══ Material to process

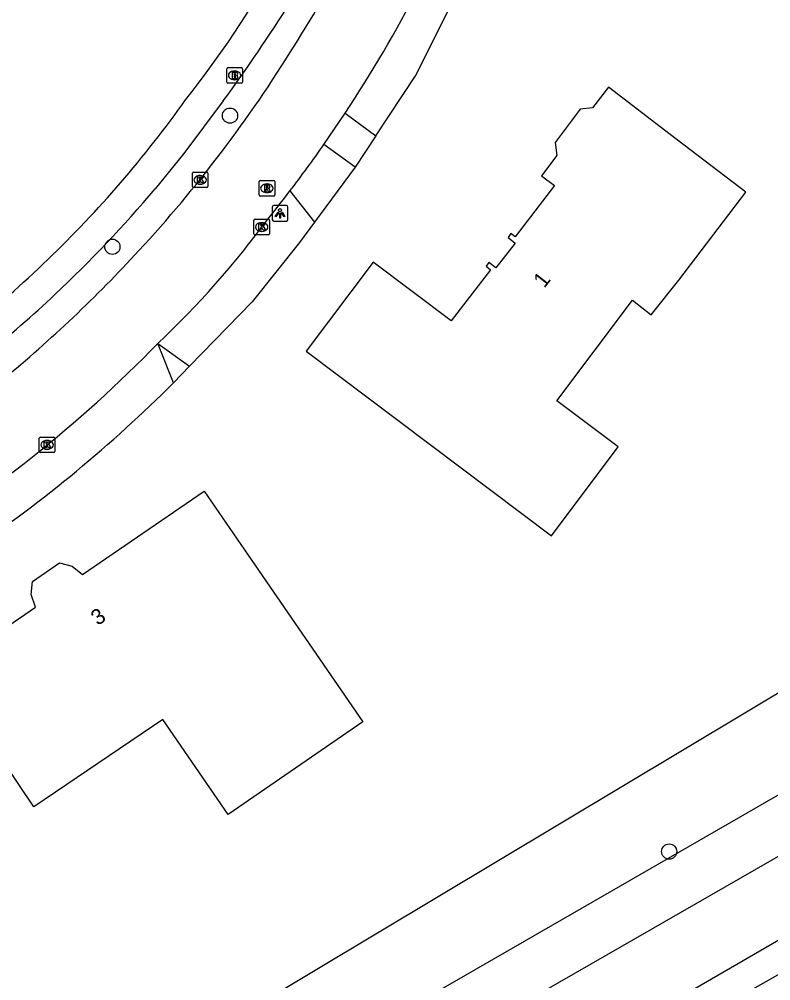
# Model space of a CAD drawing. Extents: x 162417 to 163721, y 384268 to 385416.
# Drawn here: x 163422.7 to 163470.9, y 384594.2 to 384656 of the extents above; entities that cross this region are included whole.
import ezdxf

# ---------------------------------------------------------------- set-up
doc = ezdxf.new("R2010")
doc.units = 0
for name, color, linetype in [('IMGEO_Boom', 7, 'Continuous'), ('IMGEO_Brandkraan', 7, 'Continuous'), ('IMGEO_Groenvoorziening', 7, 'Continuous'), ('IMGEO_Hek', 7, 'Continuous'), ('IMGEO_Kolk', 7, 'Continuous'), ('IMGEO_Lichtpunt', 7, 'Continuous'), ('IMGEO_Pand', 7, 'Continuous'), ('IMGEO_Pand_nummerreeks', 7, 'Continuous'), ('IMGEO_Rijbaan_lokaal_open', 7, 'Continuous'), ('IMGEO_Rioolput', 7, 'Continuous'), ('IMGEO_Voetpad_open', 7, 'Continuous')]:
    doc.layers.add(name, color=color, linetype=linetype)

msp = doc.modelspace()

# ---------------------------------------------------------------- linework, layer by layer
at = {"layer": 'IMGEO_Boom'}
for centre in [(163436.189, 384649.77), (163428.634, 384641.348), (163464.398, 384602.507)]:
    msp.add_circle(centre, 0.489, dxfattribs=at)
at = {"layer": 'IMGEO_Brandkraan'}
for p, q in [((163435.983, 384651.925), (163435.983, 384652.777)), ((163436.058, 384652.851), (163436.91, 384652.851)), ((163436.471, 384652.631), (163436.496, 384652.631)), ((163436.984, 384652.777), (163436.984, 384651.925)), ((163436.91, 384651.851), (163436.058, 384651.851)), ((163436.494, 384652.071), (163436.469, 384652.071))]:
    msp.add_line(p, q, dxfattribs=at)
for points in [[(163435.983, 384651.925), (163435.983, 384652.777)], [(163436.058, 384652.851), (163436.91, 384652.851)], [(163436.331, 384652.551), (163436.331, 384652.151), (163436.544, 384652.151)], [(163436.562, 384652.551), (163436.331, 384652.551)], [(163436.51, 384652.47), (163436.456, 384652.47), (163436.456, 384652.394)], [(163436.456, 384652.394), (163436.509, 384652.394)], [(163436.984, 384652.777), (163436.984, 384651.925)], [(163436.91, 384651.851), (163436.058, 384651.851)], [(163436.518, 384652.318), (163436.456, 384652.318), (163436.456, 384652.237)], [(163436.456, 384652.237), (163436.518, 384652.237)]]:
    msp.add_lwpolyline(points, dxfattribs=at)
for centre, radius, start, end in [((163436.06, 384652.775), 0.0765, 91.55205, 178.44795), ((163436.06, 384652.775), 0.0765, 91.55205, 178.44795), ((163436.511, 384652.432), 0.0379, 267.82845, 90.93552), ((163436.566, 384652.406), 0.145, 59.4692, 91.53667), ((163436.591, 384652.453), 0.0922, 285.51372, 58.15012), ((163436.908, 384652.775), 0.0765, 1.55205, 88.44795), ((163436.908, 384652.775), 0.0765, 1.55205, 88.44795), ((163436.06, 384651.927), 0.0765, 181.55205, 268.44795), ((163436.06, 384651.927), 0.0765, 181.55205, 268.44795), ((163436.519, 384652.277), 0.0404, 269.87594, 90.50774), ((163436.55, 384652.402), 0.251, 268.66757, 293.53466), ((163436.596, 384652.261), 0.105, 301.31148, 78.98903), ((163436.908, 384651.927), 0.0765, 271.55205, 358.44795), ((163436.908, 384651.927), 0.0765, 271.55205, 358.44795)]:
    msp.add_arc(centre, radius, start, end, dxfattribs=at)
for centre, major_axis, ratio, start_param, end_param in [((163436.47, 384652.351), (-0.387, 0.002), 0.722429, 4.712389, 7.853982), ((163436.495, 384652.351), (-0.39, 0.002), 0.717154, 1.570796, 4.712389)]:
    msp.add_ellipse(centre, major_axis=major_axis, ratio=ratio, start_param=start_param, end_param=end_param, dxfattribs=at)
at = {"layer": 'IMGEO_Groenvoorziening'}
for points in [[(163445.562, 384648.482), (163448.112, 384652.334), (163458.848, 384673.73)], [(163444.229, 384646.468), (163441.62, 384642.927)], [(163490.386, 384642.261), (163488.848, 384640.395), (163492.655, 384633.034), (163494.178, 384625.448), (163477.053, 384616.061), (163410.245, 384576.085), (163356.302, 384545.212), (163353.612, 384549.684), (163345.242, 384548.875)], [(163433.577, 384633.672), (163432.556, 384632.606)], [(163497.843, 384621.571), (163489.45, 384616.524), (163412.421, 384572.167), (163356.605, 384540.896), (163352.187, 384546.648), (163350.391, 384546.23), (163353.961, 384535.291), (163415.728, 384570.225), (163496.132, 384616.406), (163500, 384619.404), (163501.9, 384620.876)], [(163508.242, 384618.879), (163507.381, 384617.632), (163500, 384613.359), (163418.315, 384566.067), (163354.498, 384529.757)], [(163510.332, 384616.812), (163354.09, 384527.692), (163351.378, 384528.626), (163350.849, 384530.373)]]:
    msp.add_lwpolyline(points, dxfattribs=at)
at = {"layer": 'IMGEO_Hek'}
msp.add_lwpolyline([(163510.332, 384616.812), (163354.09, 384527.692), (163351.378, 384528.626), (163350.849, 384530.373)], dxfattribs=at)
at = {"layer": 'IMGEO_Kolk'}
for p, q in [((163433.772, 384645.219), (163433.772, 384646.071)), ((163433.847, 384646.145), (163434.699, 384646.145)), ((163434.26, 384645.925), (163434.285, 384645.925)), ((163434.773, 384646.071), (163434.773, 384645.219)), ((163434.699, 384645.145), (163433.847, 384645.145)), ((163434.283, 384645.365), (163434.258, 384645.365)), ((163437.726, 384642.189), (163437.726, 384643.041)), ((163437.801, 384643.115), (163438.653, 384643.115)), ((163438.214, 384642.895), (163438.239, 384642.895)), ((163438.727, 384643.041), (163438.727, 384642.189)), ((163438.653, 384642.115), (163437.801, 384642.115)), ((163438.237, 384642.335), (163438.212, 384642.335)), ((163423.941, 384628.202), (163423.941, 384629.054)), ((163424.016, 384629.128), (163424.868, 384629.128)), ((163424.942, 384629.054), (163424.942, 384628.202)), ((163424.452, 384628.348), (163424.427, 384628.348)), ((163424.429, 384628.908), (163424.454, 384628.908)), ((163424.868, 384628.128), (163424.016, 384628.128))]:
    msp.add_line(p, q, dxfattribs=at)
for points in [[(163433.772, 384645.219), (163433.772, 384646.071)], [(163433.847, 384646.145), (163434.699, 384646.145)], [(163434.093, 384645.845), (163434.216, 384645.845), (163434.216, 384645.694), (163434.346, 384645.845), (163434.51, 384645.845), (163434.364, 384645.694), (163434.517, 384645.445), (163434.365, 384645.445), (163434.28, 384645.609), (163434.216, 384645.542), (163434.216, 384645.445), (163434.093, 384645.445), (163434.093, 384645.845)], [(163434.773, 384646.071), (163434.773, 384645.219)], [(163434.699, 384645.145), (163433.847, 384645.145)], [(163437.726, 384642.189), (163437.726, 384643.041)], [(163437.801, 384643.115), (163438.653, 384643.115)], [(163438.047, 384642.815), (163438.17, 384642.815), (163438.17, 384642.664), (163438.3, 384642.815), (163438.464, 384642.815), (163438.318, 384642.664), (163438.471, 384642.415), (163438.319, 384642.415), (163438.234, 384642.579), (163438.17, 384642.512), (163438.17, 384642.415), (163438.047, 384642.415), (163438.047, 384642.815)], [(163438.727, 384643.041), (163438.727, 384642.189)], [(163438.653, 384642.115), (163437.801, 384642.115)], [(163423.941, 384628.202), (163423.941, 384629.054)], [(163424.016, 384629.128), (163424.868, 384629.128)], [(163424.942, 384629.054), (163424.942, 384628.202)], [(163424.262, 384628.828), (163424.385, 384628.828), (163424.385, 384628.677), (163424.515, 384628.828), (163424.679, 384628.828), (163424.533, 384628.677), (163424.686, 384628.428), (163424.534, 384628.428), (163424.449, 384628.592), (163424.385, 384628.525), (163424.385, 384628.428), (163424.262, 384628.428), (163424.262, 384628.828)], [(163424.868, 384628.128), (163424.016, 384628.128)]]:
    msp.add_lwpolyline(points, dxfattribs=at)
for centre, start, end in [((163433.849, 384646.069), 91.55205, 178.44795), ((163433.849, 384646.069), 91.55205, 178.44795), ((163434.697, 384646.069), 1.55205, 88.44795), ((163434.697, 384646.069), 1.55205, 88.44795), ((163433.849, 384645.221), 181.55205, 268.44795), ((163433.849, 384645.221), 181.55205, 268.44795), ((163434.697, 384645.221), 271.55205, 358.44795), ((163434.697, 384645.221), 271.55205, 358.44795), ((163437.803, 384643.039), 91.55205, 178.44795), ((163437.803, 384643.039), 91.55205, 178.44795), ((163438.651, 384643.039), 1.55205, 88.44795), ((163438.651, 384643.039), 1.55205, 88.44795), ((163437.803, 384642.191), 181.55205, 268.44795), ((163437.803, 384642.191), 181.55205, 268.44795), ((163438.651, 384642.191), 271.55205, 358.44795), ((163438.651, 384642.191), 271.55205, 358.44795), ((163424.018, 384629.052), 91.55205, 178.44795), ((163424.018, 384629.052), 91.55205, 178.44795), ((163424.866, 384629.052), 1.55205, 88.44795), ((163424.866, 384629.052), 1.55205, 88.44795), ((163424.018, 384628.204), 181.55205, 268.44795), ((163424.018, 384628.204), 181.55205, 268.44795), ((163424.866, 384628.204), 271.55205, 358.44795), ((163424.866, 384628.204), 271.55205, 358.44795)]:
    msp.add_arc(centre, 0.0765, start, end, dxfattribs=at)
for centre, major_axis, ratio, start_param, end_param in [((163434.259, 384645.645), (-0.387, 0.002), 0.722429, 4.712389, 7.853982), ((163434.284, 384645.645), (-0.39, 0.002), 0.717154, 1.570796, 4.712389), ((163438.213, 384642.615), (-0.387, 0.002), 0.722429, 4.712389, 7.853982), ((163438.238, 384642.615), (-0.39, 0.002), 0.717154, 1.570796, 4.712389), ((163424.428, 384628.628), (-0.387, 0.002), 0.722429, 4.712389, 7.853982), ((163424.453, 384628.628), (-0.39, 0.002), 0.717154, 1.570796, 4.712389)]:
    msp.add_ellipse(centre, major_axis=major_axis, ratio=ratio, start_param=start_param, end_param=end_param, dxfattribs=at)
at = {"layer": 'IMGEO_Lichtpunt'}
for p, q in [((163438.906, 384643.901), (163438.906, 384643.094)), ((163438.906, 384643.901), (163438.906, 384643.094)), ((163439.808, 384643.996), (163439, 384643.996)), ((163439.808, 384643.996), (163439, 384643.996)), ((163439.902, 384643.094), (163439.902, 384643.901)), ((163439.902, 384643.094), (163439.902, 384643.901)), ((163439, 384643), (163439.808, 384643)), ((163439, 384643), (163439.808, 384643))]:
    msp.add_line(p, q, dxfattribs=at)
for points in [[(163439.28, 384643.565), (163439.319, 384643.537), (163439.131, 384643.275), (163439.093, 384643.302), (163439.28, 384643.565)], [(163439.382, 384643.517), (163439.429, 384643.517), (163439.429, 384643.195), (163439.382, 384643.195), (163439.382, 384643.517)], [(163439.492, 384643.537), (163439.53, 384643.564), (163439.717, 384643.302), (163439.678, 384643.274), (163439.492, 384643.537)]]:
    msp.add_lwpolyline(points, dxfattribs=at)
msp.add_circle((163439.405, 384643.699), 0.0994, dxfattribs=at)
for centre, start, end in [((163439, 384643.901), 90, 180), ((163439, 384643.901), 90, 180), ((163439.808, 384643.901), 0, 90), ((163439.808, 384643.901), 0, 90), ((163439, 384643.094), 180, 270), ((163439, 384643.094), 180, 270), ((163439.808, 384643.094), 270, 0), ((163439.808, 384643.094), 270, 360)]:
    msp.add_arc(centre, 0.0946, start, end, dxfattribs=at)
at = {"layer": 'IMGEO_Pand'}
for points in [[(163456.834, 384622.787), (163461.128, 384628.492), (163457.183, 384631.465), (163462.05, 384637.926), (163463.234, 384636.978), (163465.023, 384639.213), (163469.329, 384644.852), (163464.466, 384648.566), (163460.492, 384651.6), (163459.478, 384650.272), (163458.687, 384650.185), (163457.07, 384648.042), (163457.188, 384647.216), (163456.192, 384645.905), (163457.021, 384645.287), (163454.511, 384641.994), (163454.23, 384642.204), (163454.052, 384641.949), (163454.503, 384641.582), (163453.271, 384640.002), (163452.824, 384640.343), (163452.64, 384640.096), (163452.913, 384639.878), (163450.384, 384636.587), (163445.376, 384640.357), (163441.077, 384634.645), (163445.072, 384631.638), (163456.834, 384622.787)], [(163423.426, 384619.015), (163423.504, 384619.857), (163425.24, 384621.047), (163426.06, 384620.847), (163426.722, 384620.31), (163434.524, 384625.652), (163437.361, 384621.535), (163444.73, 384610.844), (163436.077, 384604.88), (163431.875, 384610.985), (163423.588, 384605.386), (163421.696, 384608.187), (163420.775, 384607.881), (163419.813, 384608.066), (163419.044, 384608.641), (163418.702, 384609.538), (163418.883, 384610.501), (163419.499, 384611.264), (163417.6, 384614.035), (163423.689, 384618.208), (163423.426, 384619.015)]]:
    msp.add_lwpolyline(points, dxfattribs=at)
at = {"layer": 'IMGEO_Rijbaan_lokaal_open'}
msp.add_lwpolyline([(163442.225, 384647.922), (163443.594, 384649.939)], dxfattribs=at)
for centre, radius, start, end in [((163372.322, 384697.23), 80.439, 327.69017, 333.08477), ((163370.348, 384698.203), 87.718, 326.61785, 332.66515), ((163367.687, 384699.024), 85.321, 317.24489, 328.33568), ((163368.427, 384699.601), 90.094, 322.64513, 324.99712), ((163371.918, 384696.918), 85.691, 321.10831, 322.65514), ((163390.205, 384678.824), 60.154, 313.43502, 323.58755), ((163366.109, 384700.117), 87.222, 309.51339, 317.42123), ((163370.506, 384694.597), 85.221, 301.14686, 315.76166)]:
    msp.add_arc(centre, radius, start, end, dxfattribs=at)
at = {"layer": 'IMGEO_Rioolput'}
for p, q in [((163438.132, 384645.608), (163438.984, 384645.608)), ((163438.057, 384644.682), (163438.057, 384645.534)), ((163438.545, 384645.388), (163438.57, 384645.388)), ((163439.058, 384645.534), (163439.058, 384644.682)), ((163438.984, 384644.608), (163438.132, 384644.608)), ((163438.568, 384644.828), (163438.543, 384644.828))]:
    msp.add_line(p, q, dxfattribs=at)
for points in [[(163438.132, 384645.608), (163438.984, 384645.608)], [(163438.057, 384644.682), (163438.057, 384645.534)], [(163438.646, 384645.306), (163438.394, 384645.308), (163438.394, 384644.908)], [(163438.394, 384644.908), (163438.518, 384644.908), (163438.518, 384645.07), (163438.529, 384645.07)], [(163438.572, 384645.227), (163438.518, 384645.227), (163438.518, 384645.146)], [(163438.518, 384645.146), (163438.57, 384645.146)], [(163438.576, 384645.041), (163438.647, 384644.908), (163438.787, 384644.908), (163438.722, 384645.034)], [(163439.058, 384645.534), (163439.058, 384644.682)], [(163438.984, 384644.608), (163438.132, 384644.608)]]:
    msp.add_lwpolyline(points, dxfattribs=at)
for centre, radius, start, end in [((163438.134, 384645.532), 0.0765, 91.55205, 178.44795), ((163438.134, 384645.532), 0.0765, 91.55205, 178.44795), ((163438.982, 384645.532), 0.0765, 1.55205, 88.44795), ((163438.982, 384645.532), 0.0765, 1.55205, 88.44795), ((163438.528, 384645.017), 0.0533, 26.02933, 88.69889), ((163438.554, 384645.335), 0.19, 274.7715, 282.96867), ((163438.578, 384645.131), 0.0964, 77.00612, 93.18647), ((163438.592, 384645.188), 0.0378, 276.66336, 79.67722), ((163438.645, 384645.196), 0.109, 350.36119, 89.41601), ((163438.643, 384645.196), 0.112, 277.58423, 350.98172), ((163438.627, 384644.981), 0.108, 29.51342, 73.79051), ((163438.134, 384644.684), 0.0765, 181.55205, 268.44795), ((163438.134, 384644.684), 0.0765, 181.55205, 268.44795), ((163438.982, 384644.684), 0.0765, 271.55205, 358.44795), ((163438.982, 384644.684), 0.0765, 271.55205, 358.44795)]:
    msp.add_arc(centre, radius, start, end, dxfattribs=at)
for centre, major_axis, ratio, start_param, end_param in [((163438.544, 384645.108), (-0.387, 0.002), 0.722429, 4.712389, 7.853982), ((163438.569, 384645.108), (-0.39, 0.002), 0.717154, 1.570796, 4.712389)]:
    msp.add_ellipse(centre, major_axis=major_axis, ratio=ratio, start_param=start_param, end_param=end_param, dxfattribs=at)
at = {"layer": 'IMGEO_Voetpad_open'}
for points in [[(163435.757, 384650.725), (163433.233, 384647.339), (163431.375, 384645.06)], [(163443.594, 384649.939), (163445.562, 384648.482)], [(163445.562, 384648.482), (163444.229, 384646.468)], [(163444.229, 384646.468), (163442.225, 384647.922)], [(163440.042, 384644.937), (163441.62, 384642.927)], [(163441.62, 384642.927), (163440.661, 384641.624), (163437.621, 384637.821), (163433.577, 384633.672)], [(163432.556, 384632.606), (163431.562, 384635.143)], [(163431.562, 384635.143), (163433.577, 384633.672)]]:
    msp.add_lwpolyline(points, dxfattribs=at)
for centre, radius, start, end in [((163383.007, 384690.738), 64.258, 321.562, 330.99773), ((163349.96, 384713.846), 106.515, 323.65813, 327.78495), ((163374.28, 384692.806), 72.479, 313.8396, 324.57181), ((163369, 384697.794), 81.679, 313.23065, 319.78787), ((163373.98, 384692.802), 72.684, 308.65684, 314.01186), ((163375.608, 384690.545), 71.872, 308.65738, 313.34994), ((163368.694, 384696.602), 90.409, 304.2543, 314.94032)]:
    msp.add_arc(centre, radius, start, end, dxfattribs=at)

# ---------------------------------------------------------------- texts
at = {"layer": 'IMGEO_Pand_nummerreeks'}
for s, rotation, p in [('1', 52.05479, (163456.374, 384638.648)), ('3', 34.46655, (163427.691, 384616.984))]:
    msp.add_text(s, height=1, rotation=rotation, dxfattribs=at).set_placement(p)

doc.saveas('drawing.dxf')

════

▶ Task details
Which lines above contain the word "drawing"? Copy each of them.

▶ Answer below
# Model space of a CAD drawing. Extents: x 162417 to 163721, y 384268 to 385416.
doc.saveas('drawing.dxf')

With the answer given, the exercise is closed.